TASK INSTRUCTIONS:
The lines to copy are those in the listing below that contain the word "units".

PROVIDED INFORMATION:
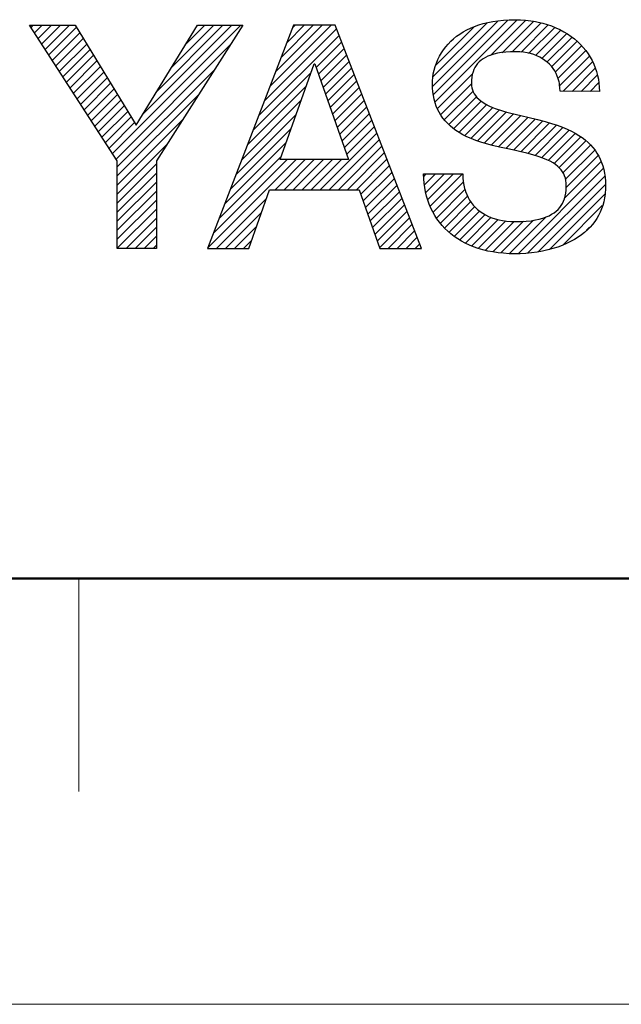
# Model space of a CAD drawing. Header units: millimetres. Extents: x 0 to 1071, y 0 to 742.
# Tile 17 of 127: x 397 to 432, y 0 to 58. Entities that reach past the tile are written whole.
import ezdxf

# ---------------------------------------------------------------- set-up
doc = ezdxf.new("R2010")
doc.units = ezdxf.units.MM
doc.header["$LTSCALE"] = 0.454724
doc.layers.add('NoLayerName_001', color=7, linetype='Continuous')

msp = doc.modelspace()

# ---------------------------------------------------------------- linework, layer by layer
at = {"layer": 'NoLayerName_001', "color": 7, "linetype": 'Continuous', "lineweight": 25}
for p, q in [((397.1038, 57.4997), (399.785, 57.4997)), ((402.2532, 49.5327), (397.1038, 57.4997)), ((397.1892, 57.3675), (397.3214, 57.4997)), ((397.3974, 57.0454), (397.8517, 57.4997)), ((397.6056, 56.7233), (398.382, 57.4997)), ((397.8138, 56.4012), (398.9124, 57.4997)), ((398.0221, 56.079), (399.4427, 57.4997)), ((398.2303, 55.7569), (399.8562, 57.3828)), ((399.785, 57.4997), (403.3623, 51.6243)), ((401.9779, 49.9586), (409.5162, 57.4969)), ((403.3623, 51.6243), (406.9566, 57.4984)), ((403.755, 52.266), (408.9862, 57.4972)), ((409.629, 57.4969), (404.55, 49.5401)), ((404.5911, 53.6324), (408.4562, 57.4975)), ((405.4271, 54.9988), (407.9262, 57.4979)), ((406.2632, 56.3652), (407.3961, 57.4982)), ((406.9566, 57.4984), (409.629, 57.4969)), ((412.6117, 57.4969), (407.5515, 44.392)), ((410.8894, 53.0365), (415.1389, 57.2859)), ((411.223, 53.9004), (414.8196, 57.497)), ((411.5566, 54.7644), (414.2892, 57.4969)), ((411.8902, 55.6283), (413.7588, 57.4969)), ((412.2238, 56.4922), (413.2285, 57.4969)), ((412.5574, 57.3561), (412.6981, 57.4969)), ((415.0573, 57.497), (412.6117, 57.4969)), ((420.12, 44.3935), (415.0573, 57.497)), ((420.7688, 53.9003), (424.6269, 57.7584)), ((420.7957, 54.4575), (423.9713, 57.6331)), ((420.8155, 53.4166), (425.1932, 57.7943)), ((420.9253, 52.9961), (425.743, 57.8138)), ((420.9622, 55.1543), (423.2066, 57.3987)), ((424.1839, 55.7244), (426.2374, 57.7778)), ((424.8666, 55.8767), (426.716, 57.7261)), ((425.4539, 55.9337), (427.1512, 57.631)), ((425.9694, 55.9189), (427.5615, 57.511)), ((426.4171, 55.8362), (427.945, 57.3641)), ((398.4385, 55.4348), (400.0569, 57.0532)), ((398.6467, 55.1126), (400.2576, 56.7236)), ((410.5559, 52.1726), (415.2867, 56.9034)), ((426.8282, 55.717), (428.3098, 57.1986)), ((427.1887, 55.5472), (428.6425, 57.001)), ((427.4937, 55.3218), (428.9631, 56.7912)), ((398.8549, 54.7905), (400.4583, 56.3939)), ((402.1861, 49.6365), (408.892, 56.3424)), ((413.9348, 55.0212), (415.4345, 56.5209)), ((414.073, 54.629), (415.5823, 56.1383)), ((427.7615, 55.0593), (429.2469, 56.5448)), ((427.9845, 54.752), (429.5224, 56.2899)), ((399.0631, 54.4684), (400.659, 56.0643)), ((399.2713, 54.1463), (400.8597, 55.7347)), ((414.2111, 54.2369), (415.7301, 55.7558)), ((428.1349, 54.3721), (429.7566, 55.9938)), ((428.2258, 53.9327), (429.9817, 55.6885)), ((399.4795, 53.8241), (401.0604, 55.405)), ((399.6877, 53.502), (401.2611, 55.0754)), ((411.8202, 49.6102), (413.811, 55.238)), ((413.811, 55.238), (413.8584, 55.238)), ((413.8584, 55.238), (415.8411, 49.6102)), ((414.3493, 53.8447), (415.8779, 55.3733)), ((414.4874, 53.4525), (416.0256, 54.9907)), ((428.439, 53.6155), (430.1626, 55.3391)), ((428.9686, 53.6148), (430.3259, 54.9721)), ((399.8959, 53.1799), (401.4618, 54.7458)), ((400.1041, 52.8577), (401.6625, 54.4161)), ((402.2532, 49.1732), (407.956, 54.8761)), ((410.2223, 51.3087), (413.6246, 54.711)), ((414.6256, 53.0604), (416.1734, 54.6082)), ((421.0604, 52.6009), (423.1306, 54.6711)), ((429.4982, 53.614), (430.4458, 54.5617)), ((400.3123, 52.5356), (401.8632, 54.0865)), ((409.8887, 50.4448), (413.3343, 53.8904)), ((414.7638, 52.6682), (416.3212, 54.2257)), ((414.9019, 52.276), (416.469, 53.8431)), ((421.2502, 52.2603), (423.0545, 54.0646)), ((430.0277, 53.6133), (430.525, 54.1105)), ((400.5205, 52.2135), (402.0639, 53.7569)), ((400.7287, 51.8914), (402.2646, 53.4273)), ((402.2532, 48.6429), (407.02, 53.4098)), ((415.0401, 51.8839), (416.6168, 53.4606)), ((421.4728, 51.9526), (423.1484, 53.6283)), ((421.7215, 51.671), (423.35, 53.2995)), ((430.5573, 53.6125), (430.5705, 53.6257)), ((400.9369, 51.5692), (402.4653, 53.0976)), ((401.1451, 51.2471), (402.666, 52.768)), ((409.5551, 49.5809), (413.044, 53.0698)), ((415.1783, 51.4917), (416.7646, 53.0781)), ((415.3164, 51.0995), (416.9124, 52.6956)), ((422.0151, 51.4343), (423.6234, 53.0426)), ((422.3175, 51.2064), (423.9539, 52.8427)), ((422.6674, 51.0259), (424.3123, 52.6708)), ((401.3533, 50.925), (402.8667, 52.4384)), ((401.5615, 50.6029), (403.0674, 52.1087)), ((409.2215, 48.7169), (412.7537, 52.2491)), ((415.4546, 50.7074), (417.0602, 52.313)), ((423.0175, 50.8456), (424.7003, 52.5284)), ((423.4103, 50.7081), (425.1103, 52.4082)), ((423.8031, 50.5706), (425.5316, 52.2991)), ((424.2221, 50.4593), (425.9568, 52.194)), ((424.6496, 50.3565), (426.3832, 52.09)), ((401.7697, 50.2807), (403.2681, 51.7791)), ((402.2532, 48.1126), (406.084, 51.9434)), ((415.5927, 50.3152), (417.208, 51.9305)), ((415.7309, 49.923), (417.3558, 51.548)), ((425.0786, 50.2552), (426.806, 51.9826)), ((425.5187, 50.1649), (427.2253, 51.8715)), ((425.9479, 50.0637), (427.6446, 51.7605)), ((426.3726, 49.9581), (428.0432, 51.6288)), ((426.795, 49.8501), (428.4305, 51.4857)), ((408.8879, 47.853), (412.4634, 51.4285)), ((414.1779, 47.8397), (417.5036, 51.1654)), ((427.1805, 49.7054), (428.8041, 51.3289)), ((427.5647, 49.5593), (429.1495, 51.144)), ((427.8954, 49.3596), (429.4805, 50.9447)), ((402.2532, 47.5822), (405.148, 50.4771)), ((408.5543, 46.9891), (412.1731, 50.6079)), ((414.7083, 47.8397), (417.6514, 50.7829)), ((415.2386, 47.8397), (417.7992, 50.4004)), ((428.1907, 49.1245), (429.7782, 50.7121)), ((428.4271, 48.8306), (430.0516, 50.4551)), ((408.2207, 46.1252), (411.8828, 49.7873)), ((415.7689, 47.8397), (417.947, 50.0178)), ((428.578, 48.4512), (430.2962, 50.1695)), ((428.6199, 47.9628), (430.4975, 49.8404)), ((402.2532, 44.3917), (402.2532, 49.5327)), ((402.2532, 47.0519), (404.55, 49.3487)), ((404.55, 49.5401), (404.55, 44.3917)), ((407.5536, 44.3973), (412.7664, 49.6102)), ((407.8872, 45.2613), (412.2361, 49.6102)), ((411.5263, 47.8397), (413.2968, 49.6102)), ((415.8411, 49.6102), (411.8202, 49.6102)), ((412.0566, 47.8397), (413.8271, 49.6102)), ((412.587, 47.8397), (414.3574, 49.6102)), ((413.1173, 47.8397), (414.8878, 49.6102)), ((413.6476, 47.8397), (415.4181, 49.6102)), ((416.2993, 47.8397), (418.0948, 49.6353)), ((416.5599, 47.5701), (418.2426, 49.2528)), ((428.5069, 47.3195), (430.6778, 49.4904)), ((402.2532, 46.5216), (404.55, 48.8183)), ((416.6981, 47.1779), (418.3904, 48.8702)), ((420.252, 48.6105), (420.4065, 48.765)), ((420.3028, 48.131), (420.9368, 48.765)), ((420.3706, 47.6684), (421.4672, 48.765)), ((420.4949, 47.2624), (421.9975, 48.765)), ((420.626, 46.8632), (422.5278, 48.765)), ((425.7967, 44.0789), (430.7968, 49.0791)), ((426.3721, 44.124), (430.8811, 48.633)), ((402.2532, 45.9913), (404.55, 48.288)), ((416.8362, 46.7857), (418.5382, 48.4877)), ((416.9744, 46.3935), (418.686, 48.1052)), ((420.8115, 46.5184), (422.5931, 48.2999)), ((426.9695, 44.191), (430.9234, 48.145)), ((402.2532, 45.4609), (404.55, 47.7577)), ((409.9743, 44.392), (411.1938, 47.8397)), ((411.1938, 47.8397), (416.4649, 47.8397)), ((416.4649, 47.8397), (417.6789, 44.3935)), ((417.1125, 46.0014), (418.8338, 47.7226)), ((420.998, 46.1745), (422.6743, 47.8508)), ((421.2344, 45.8806), (422.8189, 47.465)), ((427.641, 44.3322), (430.9014, 47.5926)), ((402.2532, 44.9306), (404.55, 47.2274)), ((408.0785, 44.392), (411.0118, 47.3252)), ((417.2507, 45.6092), (418.9816, 47.3401)), ((417.3888, 45.217), (419.1294, 46.9576)), ((421.4708, 45.5867), (423.0228, 47.1386)), ((421.7546, 45.3401), (423.2616, 46.8472)), ((428.4371, 44.598), (430.7425, 46.9034)), ((402.2532, 44.4003), (404.55, 46.697)), ((408.6089, 44.392), (410.7215, 46.5046)), ((417.527, 44.8248), (419.2772, 46.575)), ((422.0396, 45.0948), (423.5315, 46.5867)), ((422.3684, 44.8933), (423.8641, 46.389)), ((402.775, 44.3917), (404.55, 46.1667)), ((409.1392, 44.392), (410.4313, 45.6841)), ((417.6651, 44.4326), (419.425, 46.1925)), ((418.1564, 44.3935), (419.5728, 45.81)), ((422.7023, 44.6969), (424.2242, 46.2187)), ((423.0759, 44.5401), (424.6227, 46.0869)), ((423.4606, 44.3945), (425.0792, 46.0131)), ((423.8799, 44.2834), (425.5605, 45.964)), ((424.3189, 44.1921), (426.1212, 45.9944)), ((424.786, 44.1289), (426.7074, 46.0503)), ((425.2845, 44.097), (427.4358, 46.2484)), ((403.3053, 44.3917), (404.55, 45.6364)), ((403.8356, 44.3917), (404.55, 45.106)), ((418.6867, 44.3935), (419.7206, 45.4274)), ((429.8034, 45.434), (429.9991, 45.6297)), ((404.366, 44.3917), (404.55, 44.5757)), ((409.6695, 44.392), (410.141, 44.8635)), ((419.217, 44.3935), (419.8684, 45.0449)), ((419.7474, 44.3935), (420.0162, 44.6624)), ((404.55, 44.3917), (402.2532, 44.3917)), ((407.5515, 44.392), (409.9743, 44.392)), ((417.6789, 44.3935), (420.12, 44.3935))]:
    msp.add_line(p, q, dxfattribs=at)
at = {"layer": 'NoLayerName_001', "color": 7, "linetype": 'Continuous', "lineweight": 50}
msp.add_line((1025, 25), (62.5, 25), dxfattribs=at)
at = {"layer": 'NoLayerName_001', "color": 2, "linetype": 'Continuous', "lineweight": 13}
msp.add_line((400, 25), (400, 12.5), dxfattribs=at)
at = {"layer": 'NoLayerName_001', "color": 7, "linetype": 'Continuous', "lineweight": 13}
msp.add_line((1050, 0), (0, 0), dxfattribs=at)
at = {"layer": 'NoLayerName_001', "color": 7, "linetype": 'Continuous', "lineweight": 25}
for points in [[(420.761, 54.0745), (420.7657, 54.2284), (420.7844, 54.4301), (420.8175, 54.6399), (420.8646, 54.8525), (420.9253, 55.0646), (420.999, 55.2735), (421.085, 55.4775), (421.183, 55.6755), (421.2926, 55.8665), (421.4133, 56.0502), (421.5451, 56.226), (421.6877, 56.3938), (421.8413, 56.5534), (422.0057, 56.7046), (422.1812, 56.8474), (422.3679, 56.9815), (422.5662, 57.1068), (422.7763, 57.2232), (422.9986, 57.3304), (423.2335, 57.4281), (423.4816, 57.516), (423.7432, 57.5939), (424.019, 57.6612), (424.3095, 57.7175), (424.6152, 57.7623), (424.9369, 57.795), (425.2751, 57.8152), (425.6303, 57.822), (425.9389, 57.8151), (426.241, 57.7946), (426.536, 57.7607), (426.8236, 57.7138), (426.9665, 57.6851), (427.242, 57.6193), (427.5088, 57.5413), (427.7666, 57.4516), (428.0149, 57.3507), (428.2533, 57.2388), (428.4816, 57.1166), (428.6993, 56.9844), (428.9061, 56.8426), (429.1018, 56.6918), (429.2861, 56.5324), (429.4588, 56.3648), (429.6196, 56.1895), (429.7685, 56.0069), (429.9052, 55.8173), (430.0295, 55.6212), (430.1414, 55.4189), (430.2407, 55.2107), (430.3273, 54.997), (430.4011, 54.778), (430.4618, 54.554), (430.5095, 54.3252), (430.5438, 54.0919), (430.5646, 53.8543), (430.5717, 53.6125), (428.2619, 53.6158), (428.2552, 53.8122), (428.2353, 54.0001), (428.2204, 54.0909), (428.2024, 54.1797), (428.1571, 54.3511), (428.0997, 54.5144), (428.0306, 54.6697), (427.95, 54.8171), (427.8578, 54.9566), (427.7544, 55.0883), (427.6396, 55.2121), (427.5135, 55.3276), (427.3761, 55.4347), (427.2275, 55.533), (427.0676, 55.622), (426.8967, 55.7012), (426.715, 55.7701), (426.523, 55.828), (426.321, 55.8743), (426.1097, 55.9084), (425.8899, 55.9296), (425.6625, 55.9376), (425.644, 55.9376), (425.3567, 55.9322), (425.0707, 55.9147), (424.8136, 55.886), (424.5828, 55.8474), (424.3756, 55.7996), (424.1896, 55.7434), (424.0229, 55.6794), (423.8734, 55.608), (423.7396, 55.5293), (423.6198, 55.4434), (423.513, 55.3501), (423.4641, 55.3004), (423.4181, 55.2488), (423.3348, 55.1398), (423.2624, 55.0222), (423.2006, 54.8952), (423.1491, 54.7577), (423.1081, 54.6085), (423.078, 54.4461), (423.0593, 54.2687), (423.0528, 54.0745), (423.0597, 53.9441), (423.0798, 53.8194), (423.1129, 53.6997), (423.159, 53.5842), (423.2183, 53.4724), (423.2915, 53.3635), (423.3794, 53.2574), (423.4829, 53.1537), (423.6035, 53.0523), (423.7423, 52.9533), (423.901, 52.8567), (424.0811, 52.7628), (424.2842, 52.6718), (424.5122, 52.5841), (424.7671, 52.4998), (425.0524, 52.4182), (425.3782, 52.3359), (425.379, 52.3358), (425.6303, 52.2736), (426.0399, 52.1702), (426.3642, 52.093), (426.9412, 51.9546), (427.3842, 51.8398), (427.7623, 51.7306), (428.0973, 51.6218), (428.3992, 51.5111), (428.6737, 51.3972), (428.9247, 51.2794), (429.1549, 51.1573), (429.3663, 51.0305), (429.5607, 50.8989), (429.7394, 50.762), (429.9034, 50.6197), (430.0538, 50.4717), (430.1912, 50.3176), (430.3164, 50.1569), (430.4297, 49.9893), (430.5315, 49.8142), (430.622, 49.6311), (430.7013, 49.4393), (430.7693, 49.238), (430.8259, 49.0267), (430.8707, 48.8044), (430.9034, 48.5707), (430.9235, 48.3249), (430.9303, 48.066), (430.9234, 47.8188), (430.9149, 47.6987), (430.9031, 47.5809), (430.8698, 47.3521), (430.824, 47.1319), (430.7658, 46.9199), (430.6955, 46.7156), (430.6133, 46.5188), (430.5191, 46.329), (430.4129, 46.146), (430.2947, 45.9695), (430.1641, 45.7995), (430.021, 45.6358), (429.8652, 45.4783), (429.6962, 45.3273), (429.5138, 45.1826), (429.3176, 45.0447), (429.1073, 44.9137), (428.8827, 44.79), (428.6437, 44.6741), (428.3902, 44.5664), (428.1222, 44.4676), (427.8403, 44.3783), (427.5449, 44.2991), (427.237, 44.2308), (426.918, 44.1741), (426.5896, 44.1296), (426.2542, 44.0979), (425.9146, 44.0797), (425.6303, 44.0749), (425.28, 44.0817), (424.9431, 44.102), (424.6192, 44.1351), (424.3082, 44.1807), (424.0097, 44.2382), (423.7234, 44.3073), (423.4492, 44.3877), (423.1868, 44.4788), (422.936, 44.5805), (422.6967, 44.6924), (422.4685, 44.8141), (422.2514, 44.9456), (422.0452, 45.0866), (421.8497, 45.2369), (421.6649, 45.3963), (421.4908, 45.5647), (421.3273, 45.742), (421.1746, 45.928), (421.0326, 46.1226), (420.9016, 46.3256), (420.7818, 46.5369)], [(420.7818, 46.5369), (420.6733, 46.7561), (420.5763, 46.9832), (420.4913, 47.2176), (420.4184, 47.4591), (420.358, 47.7072), (420.3104, 47.9613), (420.2759, 48.2208), (420.2547, 48.4849), (420.2472, 48.7529), (420.2472, 48.765), (422.5474, 48.765), (422.5542, 48.537), (422.5743, 48.32), (422.607, 48.1135), (422.6519, 47.9172), (422.6788, 47.8226), (422.7087, 47.7305), (422.7768, 47.5536), (422.8561, 47.386), (422.9463, 47.2274), (423.0474, 47.0776), (423.1592, 46.9365), (423.2819, 46.8039), (423.4155, 46.6799), (423.5601, 46.5645), (423.7158, 46.458), (423.8829, 46.3605), (424.0613, 46.2725), (424.2511, 46.1943), (424.4522, 46.1265), (424.6645, 46.0696), (424.8878, 46.0242), (425.1215, 45.9908), (425.3651, 45.9702), (425.6178, 45.9627), (425.6303, 45.9627), (425.9677, 45.9693), (426.2755, 45.9885), (426.5557, 46.0191), (426.8104, 46.0602), (427.0415, 46.1107), (427.2511, 46.1701), (427.4407, 46.2376), (427.612, 46.3128), (427.7666, 46.3952), (427.838, 46.4391), (427.9057, 46.4847), (428.03, 46.5809), (428.1409, 46.6837), (428.2391, 46.7935), (428.3256, 46.9104), (428.4009, 47.0352), (428.4654, 47.1685), (428.5194, 47.3112), (428.5628, 47.4645), (428.5955, 47.6297), (428.617, 47.8085), (428.6269, 48.003), (428.6275, 48.066), (428.6211, 48.2293), (428.6022, 48.3791), (428.5716, 48.518), (428.5292, 48.6478), (428.4749, 48.7703), (428.443, 48.8293), (428.4079, 48.8869), (428.328, 48.998), (428.2338, 49.1046), (428.1239, 49.2079), (427.9962, 49.3084), (427.8481, 49.4071), (427.6765, 49.5043), (427.4778, 49.6006), (427.2474, 49.6966), (426.9797, 49.7927), (426.668, 49.8897), (426.3035, 49.9882), (425.8749, 50.0895), (425.6469, 50.1385), (425.203, 50.2295), (424.7044, 50.3348), (424.2939, 50.4312), (423.9324, 50.5274), (423.6065, 50.6265), (423.3092, 50.7296), (423.0364, 50.8374), (422.7855, 50.9502), (422.5543, 51.0681), (422.3412, 51.1912), (422.1449, 51.3197), (421.9641, 51.4535), (421.7981, 51.593), (421.6458, 51.7382), (421.5066, 51.8894), (421.3799, 52.0468), (421.2654, 52.2109), (421.1625, 52.3821), (421.0712, 52.5608), (420.9912, 52.7476), (420.9228, 52.9432), (420.8659, 53.148), (420.8208, 53.363), (420.788, 53.5887), (420.7679, 53.8256), (420.761, 54.0745)]]:
    msp.add_lwpolyline(points, dxfattribs=at)

doc.saveas('drawing.dxf')

SOLUTION TO THE EXERCISE:
# Model space of a CAD drawing. Header units: millimetres. Extents: x 0 to 1071, y 0 to 742.
doc.units = ezdxf.units.MM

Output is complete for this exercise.